01.11.2016

Mal Rugby-Ei, mal Diskus

Neue Simulationen und Messungen ermöglichen Bestimmung der Form von Atomkernen.

Ein Atomkern besteht aus einer bestimmten Anzahl von Protonen und Neutronen, je nachdem welches Isotop eines chemischen Elements er darstellt. Seit langem ist bekannt, dass Atomkerne verschiedene Gestalten annehmen können. Viele sind kugel­förmig, andere sind geformt wie ein Rugby-Ball oder wie eine Diskus­scheibe. Einige Atomkerne können sogar ihre Form spontan ändern. Bei einer solchen Form­änderung geben sie entweder Energie ab oder nehmen welche auf, wobei sie wegen der Äquivalenz von Masse und Energie dabei ein wenig leichter oder schwerer werden. Bisher waren die Ursachen des Formwechsels von Atomkernen, genauso wie die Ursachen vieler anderer Kern­eigenschaften, weitgehend unklar.

Abb.: Verschieden angeregte Kernzustände von Zirkon-96 (Bild: C. Kremer et al.)

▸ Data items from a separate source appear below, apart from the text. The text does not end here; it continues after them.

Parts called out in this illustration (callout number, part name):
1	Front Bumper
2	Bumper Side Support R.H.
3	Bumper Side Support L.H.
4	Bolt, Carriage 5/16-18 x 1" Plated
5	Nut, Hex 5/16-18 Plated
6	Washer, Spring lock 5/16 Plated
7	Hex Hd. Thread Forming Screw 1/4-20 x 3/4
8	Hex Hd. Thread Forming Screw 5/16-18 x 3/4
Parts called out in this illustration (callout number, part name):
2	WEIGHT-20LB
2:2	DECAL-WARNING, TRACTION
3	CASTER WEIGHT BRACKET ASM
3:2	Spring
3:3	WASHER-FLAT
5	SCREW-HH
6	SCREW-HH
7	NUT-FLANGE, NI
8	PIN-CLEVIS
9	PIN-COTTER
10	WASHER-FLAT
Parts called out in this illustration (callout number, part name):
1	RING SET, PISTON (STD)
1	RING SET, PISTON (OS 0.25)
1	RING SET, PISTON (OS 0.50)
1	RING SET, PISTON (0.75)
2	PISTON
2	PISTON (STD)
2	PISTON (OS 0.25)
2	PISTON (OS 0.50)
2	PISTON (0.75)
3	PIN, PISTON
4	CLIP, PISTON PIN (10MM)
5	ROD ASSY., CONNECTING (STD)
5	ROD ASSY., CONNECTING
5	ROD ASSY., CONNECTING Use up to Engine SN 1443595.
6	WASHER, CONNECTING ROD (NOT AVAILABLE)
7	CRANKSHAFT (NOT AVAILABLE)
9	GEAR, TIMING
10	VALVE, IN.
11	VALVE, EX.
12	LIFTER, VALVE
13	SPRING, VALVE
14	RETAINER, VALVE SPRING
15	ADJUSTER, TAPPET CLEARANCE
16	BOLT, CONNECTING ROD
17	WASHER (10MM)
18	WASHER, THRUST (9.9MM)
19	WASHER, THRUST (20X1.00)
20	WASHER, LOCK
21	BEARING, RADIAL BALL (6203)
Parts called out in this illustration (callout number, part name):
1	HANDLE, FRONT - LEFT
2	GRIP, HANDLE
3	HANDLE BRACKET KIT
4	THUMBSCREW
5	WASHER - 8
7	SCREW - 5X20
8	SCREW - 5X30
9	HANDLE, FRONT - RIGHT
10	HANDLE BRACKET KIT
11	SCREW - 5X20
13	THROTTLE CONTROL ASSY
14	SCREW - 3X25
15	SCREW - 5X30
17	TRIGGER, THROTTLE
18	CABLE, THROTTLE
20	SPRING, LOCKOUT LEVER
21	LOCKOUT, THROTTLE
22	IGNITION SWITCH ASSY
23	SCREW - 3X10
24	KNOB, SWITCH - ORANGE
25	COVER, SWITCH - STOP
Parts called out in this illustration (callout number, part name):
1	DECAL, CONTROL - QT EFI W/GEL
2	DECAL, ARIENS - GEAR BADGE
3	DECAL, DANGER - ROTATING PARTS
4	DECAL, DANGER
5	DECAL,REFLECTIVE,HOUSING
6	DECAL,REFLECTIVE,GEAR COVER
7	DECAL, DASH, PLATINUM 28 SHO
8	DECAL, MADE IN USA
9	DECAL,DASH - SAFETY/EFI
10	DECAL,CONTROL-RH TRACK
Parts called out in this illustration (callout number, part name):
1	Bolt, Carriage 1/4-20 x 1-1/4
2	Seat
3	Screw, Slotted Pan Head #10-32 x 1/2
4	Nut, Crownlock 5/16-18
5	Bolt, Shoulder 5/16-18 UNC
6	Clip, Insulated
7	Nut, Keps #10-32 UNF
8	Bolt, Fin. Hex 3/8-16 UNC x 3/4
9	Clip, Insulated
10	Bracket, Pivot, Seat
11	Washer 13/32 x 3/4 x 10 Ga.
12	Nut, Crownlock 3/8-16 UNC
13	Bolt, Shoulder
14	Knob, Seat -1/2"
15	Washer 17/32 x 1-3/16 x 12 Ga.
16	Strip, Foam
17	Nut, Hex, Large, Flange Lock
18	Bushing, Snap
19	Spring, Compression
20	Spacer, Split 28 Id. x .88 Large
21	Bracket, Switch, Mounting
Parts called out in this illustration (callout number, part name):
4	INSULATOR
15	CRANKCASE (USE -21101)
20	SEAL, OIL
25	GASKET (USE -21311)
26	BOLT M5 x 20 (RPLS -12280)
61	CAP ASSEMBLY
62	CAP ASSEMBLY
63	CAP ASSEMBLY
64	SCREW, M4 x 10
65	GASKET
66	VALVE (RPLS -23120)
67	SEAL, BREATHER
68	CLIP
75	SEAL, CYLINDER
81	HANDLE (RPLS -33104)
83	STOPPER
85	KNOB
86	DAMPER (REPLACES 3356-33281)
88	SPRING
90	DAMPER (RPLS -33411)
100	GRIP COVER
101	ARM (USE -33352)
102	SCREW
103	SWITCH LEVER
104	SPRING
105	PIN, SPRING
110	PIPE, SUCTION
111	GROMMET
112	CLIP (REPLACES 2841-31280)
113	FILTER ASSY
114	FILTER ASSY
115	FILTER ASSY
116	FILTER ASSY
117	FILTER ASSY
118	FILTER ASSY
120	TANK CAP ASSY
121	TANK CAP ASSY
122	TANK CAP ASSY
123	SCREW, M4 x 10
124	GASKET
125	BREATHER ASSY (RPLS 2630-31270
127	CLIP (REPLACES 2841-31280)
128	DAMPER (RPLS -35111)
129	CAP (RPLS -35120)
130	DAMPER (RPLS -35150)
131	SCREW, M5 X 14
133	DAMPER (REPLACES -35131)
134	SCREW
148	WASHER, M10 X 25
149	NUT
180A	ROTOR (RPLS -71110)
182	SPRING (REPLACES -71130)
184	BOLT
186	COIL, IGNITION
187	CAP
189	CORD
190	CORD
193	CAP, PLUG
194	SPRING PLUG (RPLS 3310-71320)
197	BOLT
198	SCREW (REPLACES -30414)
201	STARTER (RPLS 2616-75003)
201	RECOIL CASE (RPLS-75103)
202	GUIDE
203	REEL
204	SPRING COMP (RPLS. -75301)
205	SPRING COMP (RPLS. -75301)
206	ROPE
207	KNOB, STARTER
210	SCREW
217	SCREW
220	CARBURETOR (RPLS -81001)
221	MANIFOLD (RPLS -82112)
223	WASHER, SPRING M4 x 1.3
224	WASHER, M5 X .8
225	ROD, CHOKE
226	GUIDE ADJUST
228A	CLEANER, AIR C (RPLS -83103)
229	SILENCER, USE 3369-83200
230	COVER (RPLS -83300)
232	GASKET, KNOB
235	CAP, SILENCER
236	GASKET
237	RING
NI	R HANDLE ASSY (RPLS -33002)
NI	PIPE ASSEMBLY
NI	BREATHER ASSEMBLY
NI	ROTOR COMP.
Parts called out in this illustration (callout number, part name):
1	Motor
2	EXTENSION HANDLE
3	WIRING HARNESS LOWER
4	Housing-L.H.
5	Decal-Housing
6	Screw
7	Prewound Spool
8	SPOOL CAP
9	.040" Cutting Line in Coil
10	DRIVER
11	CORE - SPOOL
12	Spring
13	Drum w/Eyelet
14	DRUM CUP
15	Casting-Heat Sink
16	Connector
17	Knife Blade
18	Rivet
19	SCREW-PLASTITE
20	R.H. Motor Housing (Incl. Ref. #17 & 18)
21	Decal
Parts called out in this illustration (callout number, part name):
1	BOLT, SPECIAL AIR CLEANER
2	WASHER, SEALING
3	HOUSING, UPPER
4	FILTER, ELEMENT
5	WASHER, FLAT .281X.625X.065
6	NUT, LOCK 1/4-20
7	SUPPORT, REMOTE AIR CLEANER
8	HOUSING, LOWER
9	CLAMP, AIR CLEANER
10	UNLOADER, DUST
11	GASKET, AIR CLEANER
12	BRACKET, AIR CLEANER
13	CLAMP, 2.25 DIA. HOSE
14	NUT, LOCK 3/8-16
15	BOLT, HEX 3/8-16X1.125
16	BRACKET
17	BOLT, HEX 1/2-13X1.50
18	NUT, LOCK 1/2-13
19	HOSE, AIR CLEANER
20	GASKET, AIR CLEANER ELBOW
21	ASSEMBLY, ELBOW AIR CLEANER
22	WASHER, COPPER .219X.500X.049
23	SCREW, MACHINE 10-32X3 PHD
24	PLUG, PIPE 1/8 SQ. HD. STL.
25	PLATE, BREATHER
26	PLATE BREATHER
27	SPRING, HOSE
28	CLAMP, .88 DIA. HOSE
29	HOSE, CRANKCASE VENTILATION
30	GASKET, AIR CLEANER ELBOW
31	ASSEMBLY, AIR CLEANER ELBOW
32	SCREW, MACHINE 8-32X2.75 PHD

Physiker um den Tokioter Professor Takaharu Otsuka haben eine Theorie entwickelt, die die Eigenschaften eines Atomkerns auf die Kräfte zwischen den vielen im Kern befindlichen Protonen und Neutronen zurückführt und es ermöglicht, etwa die Gestalt eines Atomkerns in einem Groß-Computer zu berechnen. Die Berechnungen am Forschungs­zentrum Riken in Tokio wurden für verschiedene Isotope des Metalls Zirkon mit 40 Protonen und Neutronenzahlen von 50 bis 70 durchgeführt, wobei mehr als 1023 unterschiedliche Quanten­zustände berücksichtigt werden mussten, ein Weltrekord. Die mehr­wöchigen Berechnungen ergaben, dass das Isotop Zr-96 mit 56 Neutronen im leichtesten Zustand kugelförmig und in einem nur wenig schwereren Quanten­zustand Rugby-Ball-artig deformiert sein müsse.

Die TU Darmstadt verfügt mit ihrem Elektronen­beschleuniger über eines der präzisesten Mess­instrumente, die die Theorien der japanischen Physiker testen können. Ein Team von Experimental­physikern um den Direktor des Instituts für Kernphysik der TU Darmstadt, Norbert Pietralla, führte Präzisions­messungen durch, bei denen die Forscher hoch­energetische Strahlen von Elektronen an einer Folie aus Zirkon streuten und ihre Energieabgabe an die darin enthaltenen Kerne des Isotops 96Zr präzise vermaßen. So wird die Gestalt der Atomkerne wie in einem hoch­auflösenden Elektronen­mikroskop nachweisbar. „Unsere Messungen bestätigen die Theorie der Kollegen aus Tokio“, sagt Pietralla. Damit liege nun das Verständnis vor, um nicht nur die Gestalt von Atom­kernen sondern viele weitere Eigenschaften dieser komplexen Quanten­objekte zu berechnen und verlässlich vorherzusagen.